Dari contoh seperti tabel di atas, akan diketahui apakah seorang karyawan masih mempunyai skill gap, yang kemudian harus ditindak lanjuti dengan memberikan assignment atau pelatihan. Pimpinan karyawan juga akan menilai berapa perkiraan level kemampuan karyawan tersebut, serta kapan dapat dipromosikan, skill apa lagi yang mesti ditambahkan dan sebagainya. Penilaian ini dilakukan terbuka, sehingga karyawan memahami langkah-langkah apa yang diperlukan agar dapat meningkatkan level pekerjaannya. Masing-masing perusahaan dapat menilai, dan menentukan kemampuan apa saja yang diperlukan bagi karyawan, sesuai jenjang dan kedalaman pekerjaan, disesuaikan dengan strategi bisnis perusahaan, agar mampu bersaing di pasar.

Sumber data:

  1. Anonymous.“Towards Human Capital Management: Building Competitive Advantage through People”. Dibawakan pada seminar yang diadakan oleh LPPI, Kemang, 15 Desember 2005.
  2. Pengalaman penulis dalam bekerja di lembaga keuangan.

Iklan

6 pemikiran pada “Human Capital Management: Bagaimana strategi meningkatkan competitive advantage melalui Karyawan?

  1. salam
    saya sebenarnya tak faham mengenai soal ini, tapo kalo bolehh bertanya, mungkin ya Bu secara sekarang kan jamannya sistem kontrak, outsourching, kira2 giman tuh hubungannya dengan kinerja karyawan. saya sempat terpikir mungkin yang kerja kontrak akan lebih bersemangat supya terpakai lagi drpd karyawan berstatus tetap karena merasa toh sudah ada dijalur aman. *maaf ya Bu kalo OOT*

    Nenyok,
    Setiap karyawan akan dinilai kinerjanya, dan ini telah ada ukurannya baik secara kualitatif maupun kuantitatif, dibuat secara tertulis…..ditandatangani bawahan dan atasan, diketahui oleh atasan dari atasan langsung.. Dibuat untuk satu tahun anggaran, dan diperiksa tiap bulannya. Karyawan tetap kalau target tak tercapai, banyak deadline nggak dipenuhi akan mendapat teguran tertulis, dipindahkan ketempat grade yang lebih rendah, dan jika tak diperbaiki maka kinerjanya akan jelek. Kinerja ini akan mempengaruhi insentif, bonus, promosi dsb nya….dan ada aturan yang nantinya dia juga harus ambil pensiun dini.

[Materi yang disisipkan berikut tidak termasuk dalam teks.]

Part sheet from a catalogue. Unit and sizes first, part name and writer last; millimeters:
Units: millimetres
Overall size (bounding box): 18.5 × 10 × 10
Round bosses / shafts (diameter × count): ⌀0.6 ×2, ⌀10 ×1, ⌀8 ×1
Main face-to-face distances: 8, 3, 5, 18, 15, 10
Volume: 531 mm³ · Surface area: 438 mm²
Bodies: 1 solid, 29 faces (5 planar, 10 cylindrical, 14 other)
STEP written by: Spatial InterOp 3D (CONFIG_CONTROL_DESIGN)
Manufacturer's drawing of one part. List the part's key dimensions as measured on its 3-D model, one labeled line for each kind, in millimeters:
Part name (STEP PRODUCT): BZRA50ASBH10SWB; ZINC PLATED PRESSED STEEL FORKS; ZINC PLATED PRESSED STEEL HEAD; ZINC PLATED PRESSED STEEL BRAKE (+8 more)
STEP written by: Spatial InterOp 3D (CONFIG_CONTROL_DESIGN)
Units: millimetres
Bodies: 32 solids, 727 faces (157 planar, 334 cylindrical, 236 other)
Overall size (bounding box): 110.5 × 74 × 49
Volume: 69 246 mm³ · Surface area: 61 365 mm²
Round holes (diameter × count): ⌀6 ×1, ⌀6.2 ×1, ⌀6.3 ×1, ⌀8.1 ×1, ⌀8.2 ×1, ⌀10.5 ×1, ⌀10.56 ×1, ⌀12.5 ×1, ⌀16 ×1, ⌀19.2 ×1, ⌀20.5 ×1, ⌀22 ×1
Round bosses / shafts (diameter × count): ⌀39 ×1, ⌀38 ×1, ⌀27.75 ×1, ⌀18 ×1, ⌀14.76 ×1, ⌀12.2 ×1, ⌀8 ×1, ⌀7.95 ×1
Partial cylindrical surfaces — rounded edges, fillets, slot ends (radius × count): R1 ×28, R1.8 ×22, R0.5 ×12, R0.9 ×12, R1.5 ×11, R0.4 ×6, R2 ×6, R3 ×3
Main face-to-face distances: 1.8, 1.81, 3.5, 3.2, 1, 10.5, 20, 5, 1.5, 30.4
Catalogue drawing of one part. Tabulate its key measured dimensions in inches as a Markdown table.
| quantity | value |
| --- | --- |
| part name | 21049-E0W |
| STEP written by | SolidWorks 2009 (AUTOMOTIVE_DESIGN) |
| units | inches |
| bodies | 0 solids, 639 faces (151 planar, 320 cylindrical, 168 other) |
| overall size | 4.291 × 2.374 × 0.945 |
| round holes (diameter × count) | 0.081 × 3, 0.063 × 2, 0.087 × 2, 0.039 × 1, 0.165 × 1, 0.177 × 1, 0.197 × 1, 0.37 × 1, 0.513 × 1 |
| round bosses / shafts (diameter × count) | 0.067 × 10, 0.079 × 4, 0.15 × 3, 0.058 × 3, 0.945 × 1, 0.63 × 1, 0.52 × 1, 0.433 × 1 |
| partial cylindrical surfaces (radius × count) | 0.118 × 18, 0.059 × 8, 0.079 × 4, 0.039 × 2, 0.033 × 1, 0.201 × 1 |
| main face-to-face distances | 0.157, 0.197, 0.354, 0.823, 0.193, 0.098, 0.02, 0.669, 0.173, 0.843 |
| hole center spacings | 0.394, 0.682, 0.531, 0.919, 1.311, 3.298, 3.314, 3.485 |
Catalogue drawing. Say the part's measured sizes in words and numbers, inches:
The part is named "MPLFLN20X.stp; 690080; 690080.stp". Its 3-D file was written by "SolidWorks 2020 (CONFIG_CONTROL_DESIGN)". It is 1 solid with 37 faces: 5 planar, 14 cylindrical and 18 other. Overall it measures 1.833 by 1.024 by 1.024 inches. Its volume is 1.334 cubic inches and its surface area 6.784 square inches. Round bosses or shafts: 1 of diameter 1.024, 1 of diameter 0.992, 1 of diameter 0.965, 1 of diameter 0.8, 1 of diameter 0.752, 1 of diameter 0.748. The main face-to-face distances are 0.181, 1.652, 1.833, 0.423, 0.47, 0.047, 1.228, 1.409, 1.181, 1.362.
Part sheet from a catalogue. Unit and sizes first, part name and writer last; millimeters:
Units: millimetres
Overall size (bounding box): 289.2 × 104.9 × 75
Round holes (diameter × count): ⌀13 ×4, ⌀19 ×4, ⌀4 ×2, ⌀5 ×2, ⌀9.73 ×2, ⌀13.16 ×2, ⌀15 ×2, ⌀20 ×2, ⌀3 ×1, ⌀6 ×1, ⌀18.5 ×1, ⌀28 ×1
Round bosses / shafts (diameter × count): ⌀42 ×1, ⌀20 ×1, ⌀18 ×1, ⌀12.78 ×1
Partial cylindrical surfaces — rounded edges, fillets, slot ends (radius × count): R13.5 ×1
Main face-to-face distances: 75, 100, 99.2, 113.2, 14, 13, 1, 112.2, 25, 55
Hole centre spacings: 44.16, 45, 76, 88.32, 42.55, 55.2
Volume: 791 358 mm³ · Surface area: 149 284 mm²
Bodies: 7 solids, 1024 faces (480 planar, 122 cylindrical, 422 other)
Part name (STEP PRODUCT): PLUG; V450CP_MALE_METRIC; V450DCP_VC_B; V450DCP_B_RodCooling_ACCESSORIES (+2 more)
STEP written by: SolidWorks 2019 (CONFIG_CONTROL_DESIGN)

  2. Saya ingin mengomentari dari sisi lain Human Capital ini. Istilah Human Capital ini memang termasuk relatif baru karena baru pada beberapa dekade ini orang sadar akan pentingnya skill dan knowledge yang “diinvestasikan” melalui para karyawannya. Walaupun begitu, pada saat inipun masih banyak ekonom yang menempatkan Human Capital ini bagian dari Labour saja.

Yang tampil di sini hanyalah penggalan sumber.